Health
Associated Press

Judge orders Texas to suspend six-week abortion law

October 7, 2021

A federal judge has ordered Texas to suspend the most restrictive abortion law in the US, calling it an “offensive deprivation" of a constitutional right.

The state banned most abortions in the nation's second-most populous state in September.

The order by US District Judge Robert Pitman is the first legal blow to the Texas law known as Senate Bill 8, which until now had withstood a wave of early challenges.

In the weeks since the restrictions took effect, Texas abortion providers say the impact has been “exactly what we feared.”

In a 113-page opinion, Pitman took Texas to task over the law, saying Republicans lawmakers had “contrived an unprecedented and transparent statutory scheme” to deny patients their constitutional right to an abortion.

“From the moment S.B. 8 went into effect, women have been unlawfully prevented from exercising control over their lives in ways that are protected by the Constitution,” wrote Pitman, who was appointed to the bench by former President Barack Obama.

“That other courts may find a way to avoid this conclusion is theirs to decide; this Court will not sanction one more day of this offensive deprivation of such an important right.”

But even with the law on hold, abortion services in Texas may not instantly resume because doctors still fear that they could be sued without a more permanent legal decision.
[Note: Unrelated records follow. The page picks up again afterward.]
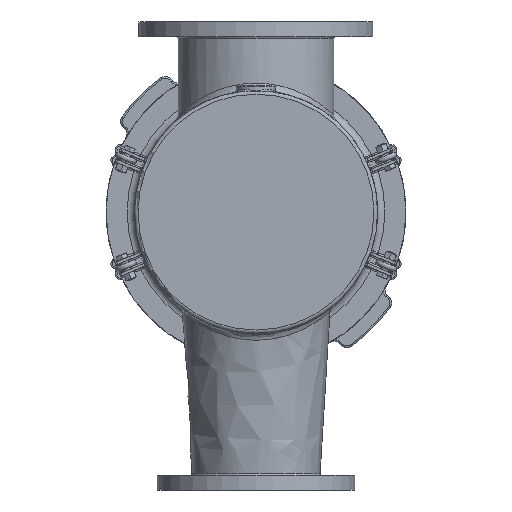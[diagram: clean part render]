
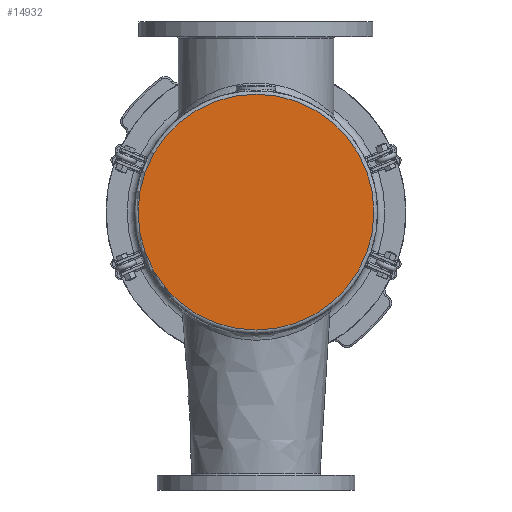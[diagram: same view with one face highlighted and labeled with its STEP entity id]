
A CAD part, front view. The second image highlights one B-rep face of the part: STEP entity #14932.
In plain terms, the highlighted planar face has unit normal (0, -1, 0).
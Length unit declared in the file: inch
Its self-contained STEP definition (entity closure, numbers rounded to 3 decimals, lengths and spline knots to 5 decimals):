
#2116=PLANE('',#15937);
#3351=FACE_OUTER_BOUND('',#4312,.T.);
#4312=EDGE_LOOP('',(#9938));
#5482=CIRCLE('',#15929,8.0625);
#6425=VERTEX_POINT('',#22868);
#7774=EDGE_CURVE('',#6425,#6425,#5482,.T.);
#9938=ORIENTED_EDGE('',*,*,#7774,.F.);
#14932=ADVANCED_FACE('',(#3351),#2116,.F.);
#15929=AXIS2_PLACEMENT_3D('',#22869,#17905,#17906);
#15937=AXIS2_PLACEMENT_3D('',#22880,#17921,#17922);
#17905=DIRECTION('center_axis',(0.,1.,0.));
#17906=DIRECTION('ref_axis',(1.,0.,0.));
#17921=DIRECTION('center_axis',(0.,1.,0.));
#17922=DIRECTION('ref_axis',(0.,0.,1.));
#22868=CARTESIAN_POINT('',(-8.0625,0.,0.));
#22869=CARTESIAN_POINT('Origin',(0.,0.,0.));
#22880=CARTESIAN_POINT('Origin',(0.,0.,0.));
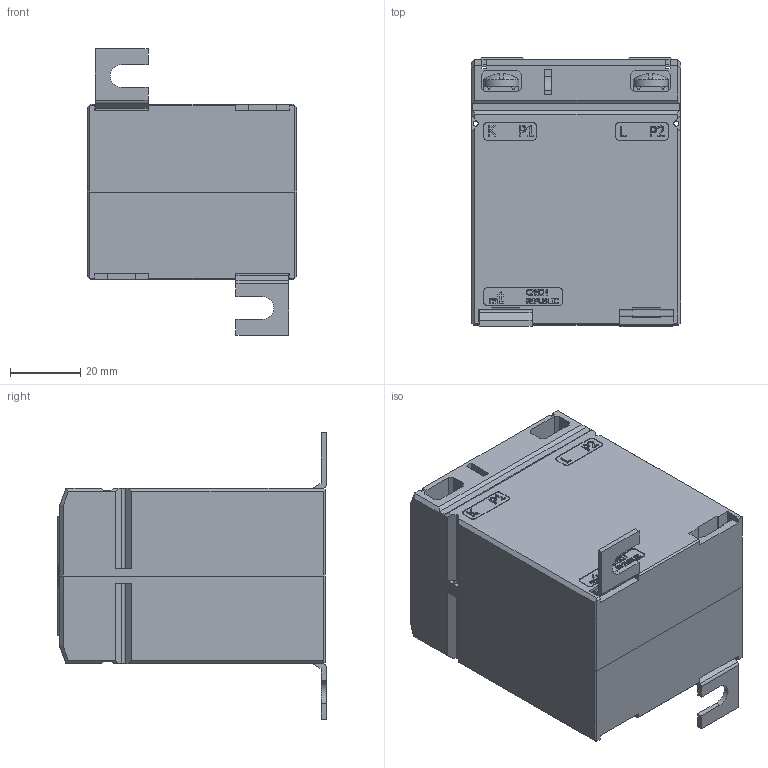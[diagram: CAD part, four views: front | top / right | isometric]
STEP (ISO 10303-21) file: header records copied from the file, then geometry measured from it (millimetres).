
FILE_DESCRIPTION(/* description */ (''),/* implementation_level */ '2;1');
FILE_NAME(/* name */ 'CLB 0.65 test.step',/* time_stamp */ '2024-10-17T18:19:05+02:00',/* author */ (''),/* organization */ (''),/* preprocessor_version */ 'ST-DEVELOPER v20',/* originating_system */ 'Autodesk Translation Framework v13.20.0.188',/* authorisation */ '');
FILE_SCHEMA (('AUTOMOTIVE_DESIGN { 1 0 10303 214 3 1 1 }'));
Length unit declared in the file: millimetre
Products named in the file (16): Current transformer CLB 0.65; Front plastic case CLB 0.65; Back plastic case CLB 0.65; Tape label CLB 0.65; Current transformer CLB 0.91; Current transformer CLB 0.91_1; Secondary terminal 12 CLB; Current transformer CLB 0.91_2; Current transformer CLB 0.91_3; Secondary terminal 12 CLB_1; Secondary terminal cover 37 CLB; Metal mounting foot CLB; Current transformer CLB 0.91_4; Current transformer CLB 0.91_5; Plastic barrier; Screw M5x8
Assembly tree (23 placements, depth 3):
  Current transformer CLB 0.65
    Front plastic case CLB 0.65
    Back plastic case CLB 0.65
    Tape label CLB 0.65
    Current transformer CLB 0.91
      Secondary terminal 12 CLB
    Current transformer CLB 0.91_1
      Secondary terminal 12 CLB
    Current transformer CLB 0.91_2
      Secondary terminal 12 CLB_1
    Current transformer CLB 0.91_3
      Secondary terminal 12 CLB_1
    Secondary terminal cover 37 CLB  x2
    Metal mounting foot CLB  x2
    Current transformer CLB 0.91_4
      Plastic barrier
    Current transformer CLB 0.91_5
      Plastic barrier
    Screw M5x8  x4
Bounding box: 59.5 x 76.4 x 81.5 mm (x, y, z)
Volume: 212714.8 mm3; surface area: 46903.2 mm2
Topology: 17 solids, 17 shells, 1492 faces, 4149 edges, 2746 vertices
Faces by surface type: plane 982, bspline 346, cylinder 144, cone 12, sphere 8
Full cylindrical faces by diameter (mm): 1.5 x4, 2.5 x4, 2.95 x2, 3 x4, 4.134 x4, 5 x4, 10 x4
Entity records: 43161 total; most frequent: CARTESIAN_POINT 11809, ORIENTED_EDGE 7144, DIRECTION 5014, EDGE_CURVE 3572, LINE 2660, VECTOR 2660, VERTEX_POINT 2370, EDGE_LOOP 1372

Planned Parenthood said it was hopeful the order would allow clinics to resume abortion services as soon as possible.

Texas officials are likely to seek a swift reversal from the 5th US Circuit Court of Appeals, which previously allowed the restrictions to take effect. State officials did not immediately react to the ruling.

The lawsuit was brought by the Biden administration, which has said the restrictions were enacted in defiance of the US Constitution.